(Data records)
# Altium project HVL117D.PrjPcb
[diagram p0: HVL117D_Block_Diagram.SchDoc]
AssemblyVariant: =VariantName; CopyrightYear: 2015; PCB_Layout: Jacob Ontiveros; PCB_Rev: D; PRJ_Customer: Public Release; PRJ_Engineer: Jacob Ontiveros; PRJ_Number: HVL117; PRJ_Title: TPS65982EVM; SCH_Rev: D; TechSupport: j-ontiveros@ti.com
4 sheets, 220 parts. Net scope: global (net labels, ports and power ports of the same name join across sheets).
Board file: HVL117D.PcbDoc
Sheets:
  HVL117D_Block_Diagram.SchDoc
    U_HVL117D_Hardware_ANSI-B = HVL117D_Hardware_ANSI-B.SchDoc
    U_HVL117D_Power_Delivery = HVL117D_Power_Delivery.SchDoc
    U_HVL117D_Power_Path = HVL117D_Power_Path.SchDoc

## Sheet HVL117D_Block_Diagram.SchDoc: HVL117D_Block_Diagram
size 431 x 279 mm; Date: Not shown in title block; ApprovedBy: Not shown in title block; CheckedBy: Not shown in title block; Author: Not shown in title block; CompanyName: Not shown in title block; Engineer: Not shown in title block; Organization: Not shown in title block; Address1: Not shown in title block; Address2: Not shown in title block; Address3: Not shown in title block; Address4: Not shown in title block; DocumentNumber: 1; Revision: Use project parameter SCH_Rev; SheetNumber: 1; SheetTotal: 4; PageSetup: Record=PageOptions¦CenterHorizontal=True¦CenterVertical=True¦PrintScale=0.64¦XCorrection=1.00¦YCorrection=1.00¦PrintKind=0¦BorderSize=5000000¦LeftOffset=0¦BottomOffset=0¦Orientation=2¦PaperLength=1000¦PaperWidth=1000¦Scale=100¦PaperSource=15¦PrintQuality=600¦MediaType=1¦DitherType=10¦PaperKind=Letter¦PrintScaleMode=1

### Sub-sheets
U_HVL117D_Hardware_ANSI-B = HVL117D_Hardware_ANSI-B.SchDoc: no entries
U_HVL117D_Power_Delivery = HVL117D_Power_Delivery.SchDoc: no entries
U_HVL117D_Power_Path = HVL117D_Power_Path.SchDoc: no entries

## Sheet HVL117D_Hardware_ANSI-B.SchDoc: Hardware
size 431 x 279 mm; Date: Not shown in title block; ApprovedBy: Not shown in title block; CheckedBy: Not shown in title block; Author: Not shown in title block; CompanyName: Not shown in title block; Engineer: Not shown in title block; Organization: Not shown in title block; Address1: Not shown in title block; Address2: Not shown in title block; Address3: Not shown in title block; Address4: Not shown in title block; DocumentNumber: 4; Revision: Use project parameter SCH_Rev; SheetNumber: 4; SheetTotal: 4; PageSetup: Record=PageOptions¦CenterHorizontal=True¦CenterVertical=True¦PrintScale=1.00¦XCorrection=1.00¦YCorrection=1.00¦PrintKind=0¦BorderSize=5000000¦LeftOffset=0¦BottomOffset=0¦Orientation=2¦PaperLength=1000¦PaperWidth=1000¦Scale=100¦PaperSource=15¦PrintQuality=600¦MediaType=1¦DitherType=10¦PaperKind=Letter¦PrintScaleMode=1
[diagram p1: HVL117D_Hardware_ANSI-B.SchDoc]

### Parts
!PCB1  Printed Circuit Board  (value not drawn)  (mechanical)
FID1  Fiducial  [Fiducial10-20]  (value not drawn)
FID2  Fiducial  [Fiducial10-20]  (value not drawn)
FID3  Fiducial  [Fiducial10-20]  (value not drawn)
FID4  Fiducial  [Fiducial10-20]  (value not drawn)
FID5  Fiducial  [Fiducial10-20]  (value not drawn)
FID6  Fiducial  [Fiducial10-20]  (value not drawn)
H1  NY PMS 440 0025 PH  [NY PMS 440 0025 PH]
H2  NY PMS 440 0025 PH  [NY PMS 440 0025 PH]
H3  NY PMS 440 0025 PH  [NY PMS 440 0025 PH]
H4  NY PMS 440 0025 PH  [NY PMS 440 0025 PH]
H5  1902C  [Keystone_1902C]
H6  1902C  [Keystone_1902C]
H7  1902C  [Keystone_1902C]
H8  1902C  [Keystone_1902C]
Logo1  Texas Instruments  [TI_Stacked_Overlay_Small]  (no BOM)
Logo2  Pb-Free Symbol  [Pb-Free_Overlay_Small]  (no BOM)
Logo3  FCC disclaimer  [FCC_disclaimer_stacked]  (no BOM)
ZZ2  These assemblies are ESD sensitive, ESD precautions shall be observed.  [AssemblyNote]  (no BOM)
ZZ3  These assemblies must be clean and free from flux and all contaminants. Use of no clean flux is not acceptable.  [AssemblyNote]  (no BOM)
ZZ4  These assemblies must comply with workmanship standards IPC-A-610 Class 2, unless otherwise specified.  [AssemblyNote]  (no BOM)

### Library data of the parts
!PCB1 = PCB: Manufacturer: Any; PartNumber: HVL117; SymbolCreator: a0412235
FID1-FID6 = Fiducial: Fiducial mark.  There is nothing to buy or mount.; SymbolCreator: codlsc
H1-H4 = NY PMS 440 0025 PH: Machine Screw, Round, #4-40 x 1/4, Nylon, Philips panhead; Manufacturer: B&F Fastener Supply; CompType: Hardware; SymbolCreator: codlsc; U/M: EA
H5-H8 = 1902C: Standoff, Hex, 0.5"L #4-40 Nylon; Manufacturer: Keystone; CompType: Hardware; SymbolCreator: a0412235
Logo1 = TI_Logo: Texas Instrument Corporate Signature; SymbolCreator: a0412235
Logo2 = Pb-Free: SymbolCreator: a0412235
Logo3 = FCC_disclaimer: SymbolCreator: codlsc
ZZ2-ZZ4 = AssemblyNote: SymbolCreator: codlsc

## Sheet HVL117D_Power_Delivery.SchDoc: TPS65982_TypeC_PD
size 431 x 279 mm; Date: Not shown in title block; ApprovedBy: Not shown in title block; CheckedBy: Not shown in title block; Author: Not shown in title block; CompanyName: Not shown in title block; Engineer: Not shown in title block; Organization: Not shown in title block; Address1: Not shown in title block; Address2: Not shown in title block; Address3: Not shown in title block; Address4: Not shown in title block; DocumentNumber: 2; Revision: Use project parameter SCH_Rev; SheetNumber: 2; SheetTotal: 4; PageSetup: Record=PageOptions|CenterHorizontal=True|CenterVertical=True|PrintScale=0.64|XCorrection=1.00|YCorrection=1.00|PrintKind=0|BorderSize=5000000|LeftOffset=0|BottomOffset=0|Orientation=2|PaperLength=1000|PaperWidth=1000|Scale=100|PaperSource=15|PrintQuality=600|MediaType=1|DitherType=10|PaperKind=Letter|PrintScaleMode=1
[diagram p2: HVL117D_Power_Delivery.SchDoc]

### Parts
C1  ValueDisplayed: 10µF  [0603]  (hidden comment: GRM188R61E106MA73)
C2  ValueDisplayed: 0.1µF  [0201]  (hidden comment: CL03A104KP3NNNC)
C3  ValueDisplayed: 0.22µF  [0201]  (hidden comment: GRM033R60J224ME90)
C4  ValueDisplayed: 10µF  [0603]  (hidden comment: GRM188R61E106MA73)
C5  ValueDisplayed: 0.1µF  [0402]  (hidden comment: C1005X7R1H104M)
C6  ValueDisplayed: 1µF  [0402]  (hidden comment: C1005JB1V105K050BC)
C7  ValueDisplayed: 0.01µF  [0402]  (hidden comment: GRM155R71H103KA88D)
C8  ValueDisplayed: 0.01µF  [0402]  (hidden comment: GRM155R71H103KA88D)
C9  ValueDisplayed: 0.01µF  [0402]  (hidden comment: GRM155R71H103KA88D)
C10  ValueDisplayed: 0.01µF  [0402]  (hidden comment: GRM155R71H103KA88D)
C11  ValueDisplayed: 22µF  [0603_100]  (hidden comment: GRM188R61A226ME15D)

▶ [Aim of the exercise] Each line above must be retyped exactly.

▶ [Answer area]
# Altium project HVL117D.PrjPcb
[diagram p0: HVL117D_Block_Diagram.SchDoc]
AssemblyVariant: =VariantName; CopyrightYear: 2015; PCB_Layout: Jacob Ontiveros; PCB_Rev: D; PRJ_Customer: Public Release; PRJ_Engineer: Jacob Ontiveros; PRJ_Number: HVL117; PRJ_Title: TPS65982EVM; SCH_Rev: D; TechSupport: j-ontiveros@ti.com
4 sheets, 220 parts. Net scope: global (net labels, ports and power ports of the same name join across sheets).
Board file: HVL117D.PcbDoc
Sheets:
  HVL117D_Block_Diagram.SchDoc
    U_HVL117D_Hardware_ANSI-B = HVL117D_Hardware_ANSI-B.SchDoc
    U_HVL117D_Power_Delivery = HVL117D_Power_Delivery.SchDoc
    U_HVL117D_Power_Path = HVL117D_Power_Path.SchDoc

## Sheet HVL117D_Block_Diagram.SchDoc: HVL117D_Block_Diagram
size 431 x 279 mm; Date: Not shown in title block; ApprovedBy: Not shown in title block; CheckedBy: Not shown in title block; Author: Not shown in title block; CompanyName: Not shown in title block; Engineer: Not shown in title block; Organization: Not shown in title block; Address1: Not shown in title block; Address2: Not shown in title block; Address3: Not shown in title block; Address4: Not shown in title block; DocumentNumber: 1; Revision: Use project parameter SCH_Rev; SheetNumber: 1; SheetTotal: 4; PageSetup: Record=PageOptions¦CenterHorizontal=True¦CenterVertical=True¦PrintScale=0.64¦XCorrection=1.00¦YCorrection=1.00¦PrintKind=0¦BorderSize=5000000¦LeftOffset=0¦BottomOffset=0¦Orientation=2¦PaperLength=1000¦PaperWidth=1000¦Scale=100¦PaperSource=15¦PrintQuality=600¦MediaType=1¦DitherType=10¦PaperKind=Letter¦PrintScaleMode=1

### Sub-sheets
U_HVL117D_Hardware_ANSI-B = HVL117D_Hardware_ANSI-B.SchDoc: no entries
U_HVL117D_Power_Delivery = HVL117D_Power_Delivery.SchDoc: no entries
U_HVL117D_Power_Path = HVL117D_Power_Path.SchDoc: no entries

## Sheet HVL117D_Hardware_ANSI-B.SchDoc: Hardware
size 431 x 279 mm; Date: Not shown in title block; ApprovedBy: Not shown in title block; CheckedBy: Not shown in title block; Author: Not shown in title block; CompanyName: Not shown in title block; Engineer: Not shown in title block; Organization: Not shown in title block; Address1: Not shown in title block; Address2: Not shown in title block; Address3: Not shown in title block; Address4: Not shown in title block; DocumentNumber: 4; Revision: Use project parameter SCH_Rev; SheetNumber: 4; SheetTotal: 4; PageSetup: Record=PageOptions¦CenterHorizontal=True¦CenterVertical=True¦PrintScale=1.00¦XCorrection=1.00¦YCorrection=1.00¦PrintKind=0¦BorderSize=5000000¦LeftOffset=0¦BottomOffset=0¦Orientation=2¦PaperLength=1000¦PaperWidth=1000¦Scale=100¦PaperSource=15¦PrintQuality=600¦MediaType=1¦DitherType=10¦PaperKind=Letter¦PrintScaleMode=1
[diagram p1: HVL117D_Hardware_ANSI-B.SchDoc]

### Parts
!PCB1  Printed Circuit Board  (value not drawn)  (mechanical)
FID1  Fiducial  [Fiducial10-20]  (value not drawn)
FID2  Fiducial  [Fiducial10-20]  (value not drawn)
FID3  Fiducial  [Fiducial10-20]  (value not drawn)
FID4  Fiducial  [Fiducial10-20]  (value not drawn)
FID5  Fiducial  [Fiducial10-20]  (value not drawn)
FID6  Fiducial  [Fiducial10-20]  (value not drawn)
H1  NY PMS 440 0025 PH  [NY PMS 440 0025 PH]
H2  NY PMS 440 0025 PH  [NY PMS 440 0025 PH]
H3  NY PMS 440 0025 PH  [NY PMS 440 0025 PH]
H4  NY PMS 440 0025 PH  [NY PMS 440 0025 PH]
H5  1902C  [Keystone_1902C]
H6  1902C  [Keystone_1902C]
H7  1902C  [Keystone_1902C]
H8  1902C  [Keystone_1902C]
Logo1  Texas Instruments  [TI_Stacked_Overlay_Small]  (no BOM)
Logo2  Pb-Free Symbol  [Pb-Free_Overlay_Small]  (no BOM)
Logo3  FCC disclaimer  [FCC_disclaimer_stacked]  (no BOM)
ZZ2  These assemblies are ESD sensitive, ESD precautions shall be observed.  [AssemblyNote]  (no BOM)
ZZ3  These assemblies must be clean and free from flux and all contaminants. Use of no clean flux is not acceptable.  [AssemblyNote]  (no BOM)
ZZ4  These assemblies must comply with workmanship standards IPC-A-610 Class 2, unless otherwise specified.  [AssemblyNote]  (no BOM)

### Library data of the parts
!PCB1 = PCB: Manufacturer: Any; PartNumber: HVL117; SymbolCreator: a0412235
FID1-FID6 = Fiducial: Fiducial mark.  There is nothing to buy or mount.; SymbolCreator: codlsc
H1-H4 = NY PMS 440 0025 PH: Machine Screw, Round, #4-40 x 1/4, Nylon, Philips panhead; Manufacturer: B&F Fastener Supply; CompType: Hardware; SymbolCreator: codlsc; U/M: EA
H5-H8 = 1902C: Standoff, Hex, 0.5"L #4-40 Nylon; Manufacturer: Keystone; CompType: Hardware; SymbolCreator: a0412235
Logo1 = TI_Logo: Texas Instrument Corporate Signature; SymbolCreator: a0412235
Logo2 = Pb-Free: SymbolCreator: a0412235
Logo3 = FCC_disclaimer: SymbolCreator: codlsc
ZZ2-ZZ4 = AssemblyNote: SymbolCreator: codlsc

## Sheet HVL117D_Power_Delivery.SchDoc: TPS65982_TypeC_PD
size 431 x 279 mm; Date: Not shown in title block; ApprovedBy: Not shown in title block; CheckedBy: Not shown in title block; Author: Not shown in title block; CompanyName: Not shown in title block; Engineer: Not shown in title block; Organization: Not shown in title block; Address1: Not shown in title block; Address2: Not shown in title block; Address3: Not shown in title block; Address4: Not shown in title block; DocumentNumber: 2; Revision: Use project parameter SCH_Rev; SheetNumber: 2; SheetTotal: 4; PageSetup: Record=PageOptions|CenterHorizontal=True|CenterVertical=True|PrintScale=0.64|XCorrection=1.00|YCorrection=1.00|PrintKind=0|BorderSize=5000000|LeftOffset=0|BottomOffset=0|Orientation=2|PaperLength=1000|PaperWidth=1000|Scale=100|PaperSource=15|PrintQuality=600|MediaType=1|DitherType=10|PaperKind=Letter|PrintScaleMode=1
[diagram p2: HVL117D_Power_Delivery.SchDoc]

### Parts
C1  ValueDisplayed: 10µF  [0603]  (hidden comment: GRM188R61E106MA73)
C2  ValueDisplayed: 0.1µF  [0201]  (hidden comment: CL03A104KP3NNNC)
C3  ValueDisplayed: 0.22µF  [0201]  (hidden comment: GRM033R60J224ME90)
C4  ValueDisplayed: 10µF  [0603]  (hidden comment: GRM188R61E106MA73)
C5  ValueDisplayed: 0.1µF  [0402]  (hidden comment: C1005X7R1H104M)
C6  ValueDisplayed: 1µF  [0402]  (hidden comment: C1005JB1V105K050BC)
C7  ValueDisplayed: 0.01µF  [0402]  (hidden comment: GRM155R71H103KA88D)
C8  ValueDisplayed: 0.01µF  [0402]  (hidden comment: GRM155R71H103KA88D)
C9  ValueDisplayed: 0.01µF  [0402]  (hidden comment: GRM155R71H103KA88D)
C10  ValueDisplayed: 0.01µF  [0402]  (hidden comment: GRM155R71H103KA88D)
C11  ValueDisplayed: 22µF  [0603_100]  (hidden comment: GRM188R61A226ME15D)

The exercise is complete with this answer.